Note, I took my liberty to set the step to 1/3 because 0.5 from your question actually has an exact binary representation 0.1 and is represented as +1.00000000000000000000000 * 2; hence it does not produce any cumulative summation error.

输出:

1.000000；1.333333；1.666667；2.000000；2.333333；2.666667；3.000000；(跳过) 18.000000；18.333333；18.666667；19.000000；19.333333；19.666667；20.000000;

// [0.2 .. 0.1 .. 3]
[1N/5N .. 1N/10N .. 3N]
|> List.map float
|> List.iter (printf "%f; ")

输出:

0.200000；0.300000；0.400000；0.500000；(跳过) 2.800000；2.900000；3.000000;

结论

• BigRational 使用整数计算，并不比浮点数慢；
• 对每个值只进行一次舍入(转换为 float 后，但不在循环内)；
• BigRational 就像机器 epsilon 为零一样；

Conclusion

• BigRational uses integer computations, which are not slower than for floating-points;
• The round-off occurs only once for each value (upon conversion to a float, but not within the loop);
• BigRational acts as if the machine epsilon were zero;

有一个明显的限制:你不能使用像 pi 或 sqrt(2) 这样的无理数，因为它们没有精确的分数表示.这似乎不是一个很大的问题，因为通常，我们不会遍历有理数和无理数，例如[1 .. pi/2 .. 42].如果我们这样做(例如几何计算)，通常有一种方法可以减少非理性部分，例如从弧度切换到度数.

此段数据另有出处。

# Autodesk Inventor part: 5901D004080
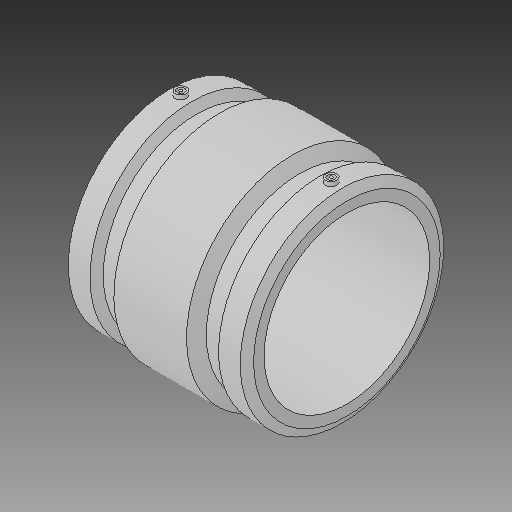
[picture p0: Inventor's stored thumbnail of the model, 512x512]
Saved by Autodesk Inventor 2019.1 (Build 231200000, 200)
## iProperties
Created: 2017-06
Part Number: 5901D004080
Material: Generic
Description: PLASSON COUPLER 8''DIPS
Document SubType Name: Modeling
Designer: KIM
Mass: 96874 g
Surface Area: 34549.7 cm^2
Volume: 96874 cm^3
Density: 1 g/cm^3
Appearance: Default
Author: KIM
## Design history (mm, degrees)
derived "5901D.ipt"
feature "Solid1::5901D.ipt"
tag "TaggingFeature1"
body "Solid1"
other parameters: "d13" = 240.03, "d15" = 118.618, "d16" = 118.618, "d17" = 218.7, "d22" = 279.908, "d23" = 279.4, "d24" = 246.31904, "d25" = 150 deg, "d26" = 96.012, "d27" = 120 deg, "d29" = 139.954, "d35" = 15, "d39" = 0, "d40" = 4, "d41" = 14, "d42" = 0, "d44" = 41.5163, "d45" = 218.7, "d47" = 0, "d48" = 134.35584, "d49" = 41.5163, "d50" = 60 deg, "d57" = 65.786, "d58" = 41.5163, "d62" = 218.7, "d65" = 282.448, "d67" = 5.27613, "d68" = 21.15863, "d69" = 21.80789, "d70" = 21.71015, "d71" = 20.5722, "d72" = 20.71531, "d73" = 561.2638, "d76" = 96.012, "d77" = 246.31904, "d_" = 218.7, "L_" = 240.03, "L_1" = 118.618, "D_" = 279.4, "A_" = 139.954, "A_1" = 25.4, "d60" = 187.96

There is an obvious limitation: you can't use irrational numbers like pi or sqrt(2) as they have no exact representation as a fraction. It does not seem to be a very big problem because usually, we are not looping over both rational and irrational numbers, e.g. [1 .. pi/2 .. 42]. If we do (like for geometry computations), there's usually a way to reduce the irrational part, e.g. switching from radians to degrees.

进一步阅读:

• 每位计算机科学家都应该了解的浮点运算知识莉>
• PowerPack 中的数字类型

这篇关于F# 浮点范围是实验性的，可能会被弃用的文章就介绍到这了，希望我们推荐的答案对大家有所帮助，也希望大家多多支持！